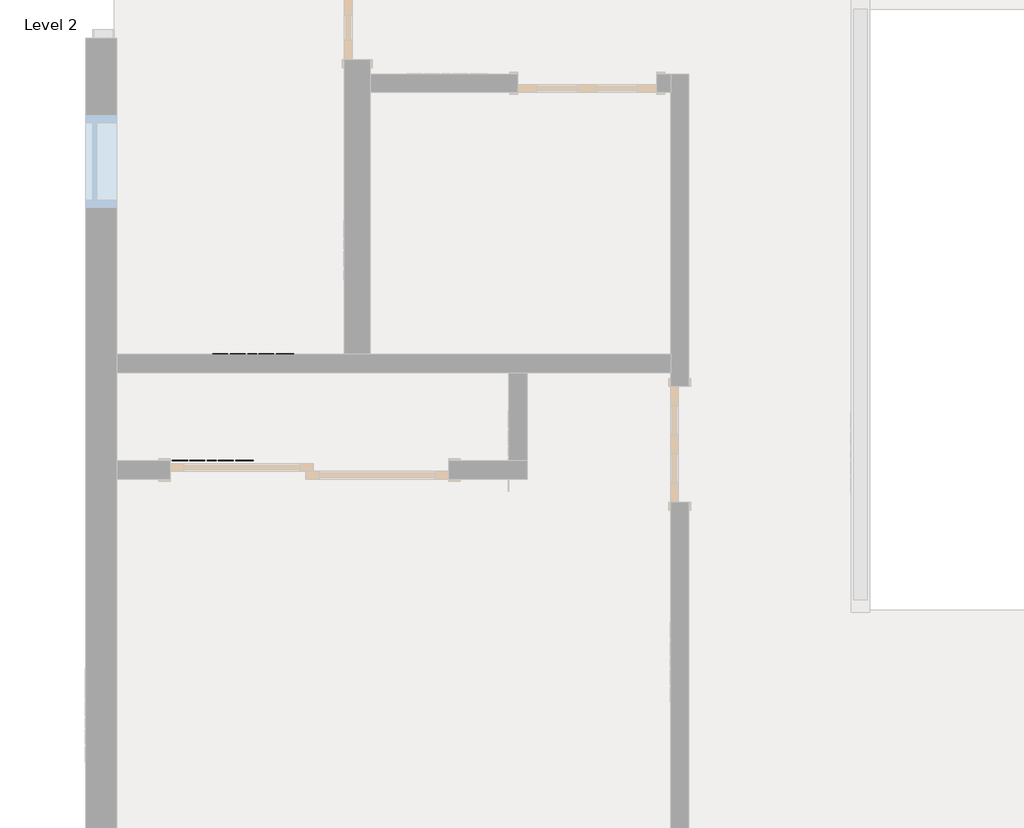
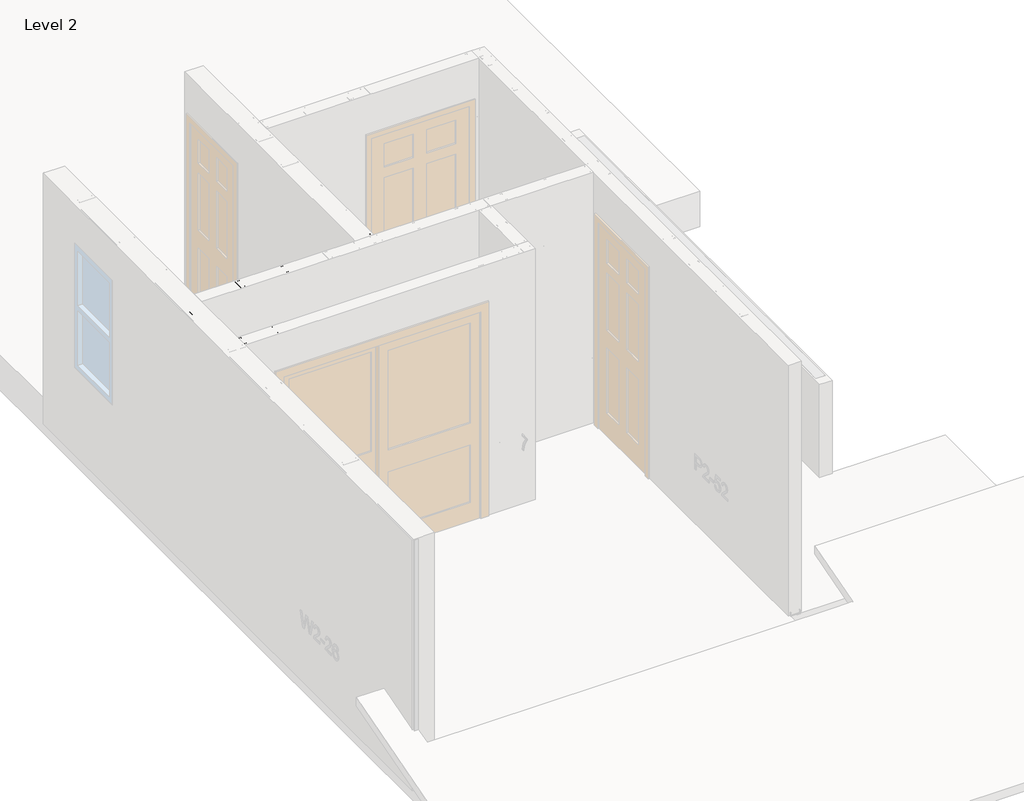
# One storey, part 8 of 46: 7 columns, 2 beams, 2 fasteners.
"""IFC4 building model written with IfcOpenShell, lengths in millimetres."""

from ifc_helpers import new_model, si_unit, point, frame, origin, place, context, project, spatial, circle_curve, ellipse_curve, trimmed, transform, mapped, element, save
from ifc_brep_helpers import plane_surface, extruded_surface, advanced_brep
from components import beam_350nf150_33_0c31a938, beam_350nf150_33_b683acd3, column_350nf150_33_a93e9d8a, panellabel_4ae247b8, panellabel_89169c42

model = new_model("IFC4")

# Units and contexts
model_context = context("Model", 3, world=origin())
ifc_project = project(units=[si_unit("LENGTHUNIT", "METRE", prefix="MILLI")], contexts=[model_context])

# Site, building, storey
site = spatial("IfcSite", under=ifc_project)
building = spatial("IfcBuilding", under=site)
storey = spatial("IfcBuildingStorey", under=building, Name="Level 2", Elevation=3060.7)

# Beams
placement = place(None, origin())
beam_350nf150_33_shape = beam_350nf150_33_0c31a938(model_context)
element("IfcBeam", 1, ObjectType="BIMSF-SSMA-S : 350NF150-33", at=placement, inside=storey, context=model_context, shape_type="MappedRepresentation", body=[
    mapped(beam_350nf150_33_shape, transform((-13289.0913349, 5769.102221, 3076.575), x_axis=(1.0000000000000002, 0.0, 0.0), y_axis=(0.0, 0.0, -1.0000000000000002), z_axis=(0.0, 1.0000000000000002, 0.0))),
])
beam_350nf150_33_2_shape = beam_350nf150_33_b683acd3(model_context)
element("IfcBeam", 2, ObjectType="BIMSF-SSMA-S : 350NF150-33", at=placement, inside=storey, context=model_context, shape_type="MappedRepresentation", body=[
    mapped(beam_350nf150_33_2_shape, transform((-14940.0913349, 5070.602221, 3076.575), x_axis=(1.0000000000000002, 0.0, 0.0), y_axis=(0.0, 0.0, -1.0000000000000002), z_axis=(0.0, 1.0000000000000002, 0.0))),
])

# Columns
element("IfcColumn", 3, ObjectType="BIMSF-SSMA-S-Column : 350NF150-33", at=placement, inside=storey, context=model_context, shape_type="AdvancedBrep", body=[
    advanced_brep(
    [(-15124.2413349, 5026.152221, 3061.5929687), (-15124.2413349, 5115.052221, 3061.5929687), (-15086.1413349, 5115.052221, 3061.5929687), (-15086.1413349, 5109.3947052, 3061.5929687), (-15087.0236507, 5109.3947052, 3061.5929687), (-15087.0236507, 5114.1699052, 3061.5929687), (-15123.3590191, 5114.1699052, 3061.5929687), (-15123.3590191, 5027.0345367, 3061.5929687), (-15087.0236507, 5027.0345367, 3061.5929687), (-15087.0236507, 5031.8097367, 3061.5929687), (-15086.1413349, 5031.8097367, 3061.5929687), (-15086.1413349, 5026.152221, 3061.5929687), (-15124.2413349, 5026.152221, 5523.6070313), (-15124.2413349, 5115.052221, 5523.6070313), (-15124.2413349, 5083.302221, 3671.1929688), (-15124.2413349, 5057.902221, 3671.1929688), (-15124.2413349, 5083.302221, 4890.3929687), (-15124.2413349, 5057.902221, 4890.3929687), (-15086.1413349, 5115.052221, 5523.6070313), (-15086.1413349, 5109.3947052, 5523.6070313), (-15087.0236507, 5109.3947052, 5523.6070313), (-15087.0236507, 5114.1699052, 5523.6070313), (-15123.3590191, 5114.1699052, 5523.6070313), (-15123.3590191, 5027.0345367, 5523.6070313), (-15123.3590191, 5057.902221, 3671.1929688), (-15123.3590191, 5083.302221, 3671.1929688), (-15123.3590191, 5057.902221, 4890.3929687), (-15123.3590191, 5083.302221, 4890.3929687), (-15087.0236507, 5027.0345367, 5523.6070313), (-15087.0236507, 5031.8097367, 5523.6070313), (-15086.1413349, 5031.8097367, 5523.6070313), (-15086.1413349, 5026.152221, 5523.6070313)],
    [
        (0, 1),
        (1, 2),
        (2, 3),
        (3, 4),
        (4, 5),
        (5, 6),
        (6, 7),
        (7, 8),
        (8, 9),
        (9, 10),
        (10, 11),
        (11, 0),
        (0, 12),
        (12, 13),
        (13, 1),
        (14, 15, circle_curve(frame((-15124.2413349, 5070.602221, 3671.1929687), z_axis=(1.0, 0.0, 0.0), x_axis=(0.0, 1.0, 0.0)), 12.7)),
        (15, 14, circle_curve(frame((-15124.2413349, 5070.602221, 3671.1929687), z_axis=(1.0, 0.0, 0.0), x_axis=(0.0, 1.0, 0.0)), 12.7)),
        (16, 17, circle_curve(frame((-15124.2413349, 5070.602221, 4890.3929687), z_axis=(1.0, 0.0, 0.0), x_axis=(0.0, 1.0, 0.0)), 12.7)),
        (17, 16, circle_curve(frame((-15124.2413349, 5070.602221, 4890.3929687), z_axis=(1.0, 0.0, 0.0), x_axis=(0.0, 1.0, 0.0)), 12.7)),
        (13, 18),
        (18, 2),
        (18, 19),
        (19, 3),
        (19, 20),
        (20, 4),
        (20, 21),
        (21, 5),
        (21, 22),
        (22, 6),
        (22, 23),
        (23, 7),
        (24, 25, circle_curve(frame((-15123.3590191, 5070.602221, 3671.1929688), z_axis=(-1.0, 0.0, 0.0), x_axis=(0.0, 1.0, 0.0)), 12.7)),
        (25, 24, circle_curve(frame((-15123.3590191, 5070.602221, 3671.1929688), z_axis=(-1.0, 0.0, 0.0), x_axis=(0.0, 1.0, 0.0)), 12.7)),
        (26, 27, circle_curve(frame((-15123.3590191, 5070.602221, 4890.3929687), z_axis=(-1.0, 0.0, 0.0), x_axis=(0.0, 1.0, 0.0)), 12.7)),
        (27, 26, circle_curve(frame((-15123.3590191, 5070.602221, 4890.3929687), z_axis=(-1.0, 0.0, 0.0), x_axis=(0.0, 1.0, 0.0)), 12.7)),
        (23, 28),
        (28, 8),
        (28, 29),
        (29, 9),
        (29, 30),
        (30, 10),
        (30, 31),
        (31, 11),
        (31, 12),
        (24, 15),
        (14, 25),
        (26, 17),
        (16, 27),
    ],
    [
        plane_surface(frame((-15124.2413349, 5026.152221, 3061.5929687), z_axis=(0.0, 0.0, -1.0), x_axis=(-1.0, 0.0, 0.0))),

----------------------------------------

[What the task asks]:
Reproduce the material word for word, pictures excluded.

[Response]:
# One storey, part 8 of 46: 7 columns, 2 beams, 2 fasteners.
"""IFC4 building model written with IfcOpenShell, lengths in millimetres."""

from ifc_helpers import new_model, si_unit, point, frame, origin, place, context, project, spatial, circle_curve, ellipse_curve, trimmed, transform, mapped, element, save
from ifc_brep_helpers import plane_surface, extruded_surface, advanced_brep
from components import beam_350nf150_33_0c31a938, beam_350nf150_33_b683acd3, column_350nf150_33_a93e9d8a, panellabel_4ae247b8, panellabel_89169c42

model = new_model("IFC4")

# Units and contexts
model_context = context("Model", 3, world=origin())
ifc_project = project(units=[si_unit("LENGTHUNIT", "METRE", prefix="MILLI")], contexts=[model_context])

# Site, building, storey
site = spatial("IfcSite", under=ifc_project)
building = spatial("IfcBuilding", under=site)
storey = spatial("IfcBuildingStorey", under=building, Name="Level 2", Elevation=3060.7)

# Beams
placement = place(None, origin())
beam_350nf150_33_shape = beam_350nf150_33_0c31a938(model_context)
element("IfcBeam", 1, ObjectType="BIMSF-SSMA-S : 350NF150-33", at=placement, inside=storey, context=model_context, shape_type="MappedRepresentation", body=[
    mapped(beam_350nf150_33_shape, transform((-13289.0913349, 5769.102221, 3076.575), x_axis=(1.0000000000000002, 0.0, 0.0), y_axis=(0.0, 0.0, -1.0000000000000002), z_axis=(0.0, 1.0000000000000002, 0.0))),
])
beam_350nf150_33_2_shape = beam_350nf150_33_b683acd3(model_context)
element("IfcBeam", 2, ObjectType="BIMSF-SSMA-S : 350NF150-33", at=placement, inside=storey, context=model_context, shape_type="MappedRepresentation", body=[
    mapped(beam_350nf150_33_2_shape, transform((-14940.0913349, 5070.602221, 3076.575), x_axis=(1.0000000000000002, 0.0, 0.0), y_axis=(0.0, 0.0, -1.0000000000000002), z_axis=(0.0, 1.0000000000000002, 0.0))),
])

# Columns
element("IfcColumn", 3, ObjectType="BIMSF-SSMA-S-Column : 350NF150-33", at=placement, inside=storey, context=model_context, shape_type="AdvancedBrep", body=[
    advanced_brep(
    [(-15124.2413349, 5026.152221, 3061.5929687), (-15124.2413349, 5115.052221, 3061.5929687), (-15086.1413349, 5115.052221, 3061.5929687), (-15086.1413349, 5109.3947052, 3061.5929687), (-15087.0236507, 5109.3947052, 3061.5929687), (-15087.0236507, 5114.1699052, 3061.5929687), (-15123.3590191, 5114.1699052, 3061.5929687), (-15123.3590191, 5027.0345367, 3061.5929687), (-15087.0236507, 5027.0345367, 3061.5929687), (-15087.0236507, 5031.8097367, 3061.5929687), (-15086.1413349, 5031.8097367, 3061.5929687), (-15086.1413349, 5026.152221, 3061.5929687), (-15124.2413349, 5026.152221, 5523.6070313), (-15124.2413349, 5115.052221, 5523.6070313), (-15124.2413349, 5083.302221, 3671.1929688), (-15124.2413349, 5057.902221, 3671.1929688), (-15124.2413349, 5083.302221, 4890.3929687), (-15124.2413349, 5057.902221, 4890.3929687), (-15086.1413349, 5115.052221, 5523.6070313), (-15086.1413349, 5109.3947052, 5523.6070313), (-15087.0236507, 5109.3947052, 5523.6070313), (-15087.0236507, 5114.1699052, 5523.6070313), (-15123.3590191, 5114.1699052, 5523.6070313), (-15123.3590191, 5027.0345367, 5523.6070313), (-15123.3590191, 5057.902221, 3671.1929688), (-15123.3590191, 5083.302221, 3671.1929688), (-15123.3590191, 5057.902221, 4890.3929687), (-15123.3590191, 5083.302221, 4890.3929687), (-15087.0236507, 5027.0345367, 5523.6070313), (-15087.0236507, 5031.8097367, 5523.6070313), (-15086.1413349, 5031.8097367, 5523.6070313), (-15086.1413349, 5026.152221, 5523.6070313)],
    [
        (0, 1),
        (1, 2),
        (2, 3),
        (3, 4),
        (4, 5),
        (5, 6),
        (6, 7),
        (7, 8),
        (8, 9),
        (9, 10),
        (10, 11),
        (11, 0),
        (0, 12),
        (12, 13),
        (13, 1),
        (14, 15, circle_curve(frame((-15124.2413349, 5070.602221, 3671.1929687), z_axis=(1.0, 0.0, 0.0), x_axis=(0.0, 1.0, 0.0)), 12.7)),
        (15, 14, circle_curve(frame((-15124.2413349, 5070.602221, 3671.1929687), z_axis=(1.0, 0.0, 0.0), x_axis=(0.0, 1.0, 0.0)), 12.7)),
        (16, 17, circle_curve(frame((-15124.2413349, 5070.602221, 4890.3929687), z_axis=(1.0, 0.0, 0.0), x_axis=(0.0, 1.0, 0.0)), 12.7)),
        (17, 16, circle_curve(frame((-15124.2413349, 5070.602221, 4890.3929687), z_axis=(1.0, 0.0, 0.0), x_axis=(0.0, 1.0, 0.0)), 12.7)),
        (13, 18),
        (18, 2),
        (18, 19),
        (19, 3),
        (19, 20),
        (20, 4),
        (20, 21),
        (21, 5),
        (21, 22),
        (22, 6),
        (22, 23),
        (23, 7),
        (24, 25, circle_curve(frame((-15123.3590191, 5070.602221, 3671.1929688), z_axis=(-1.0, 0.0, 0.0), x_axis=(0.0, 1.0, 0.0)), 12.7)),
        (25, 24, circle_curve(frame((-15123.3590191, 5070.602221, 3671.1929688), z_axis=(-1.0, 0.0, 0.0), x_axis=(0.0, 1.0, 0.0)), 12.7)),
        (26, 27, circle_curve(frame((-15123.3590191, 5070.602221, 4890.3929687), z_axis=(-1.0, 0.0, 0.0), x_axis=(0.0, 1.0, 0.0)), 12.7)),
        (27, 26, circle_curve(frame((-15123.3590191, 5070.602221, 4890.3929687), z_axis=(-1.0, 0.0, 0.0), x_axis=(0.0, 1.0, 0.0)), 12.7)),
        (23, 28),
        (28, 8),
        (28, 29),
        (29, 9),
        (29, 30),
        (30, 10),
        (30, 31),
        (31, 11),
        (31, 12),
        (24, 15),
        (14, 25),
        (26, 17),
        (16, 27),
    ],
    [
        plane_surface(frame((-15124.2413349, 5026.152221, 3061.5929687), z_axis=(0.0, 0.0, -1.0), x_axis=(-1.0, 0.0, 0.0))),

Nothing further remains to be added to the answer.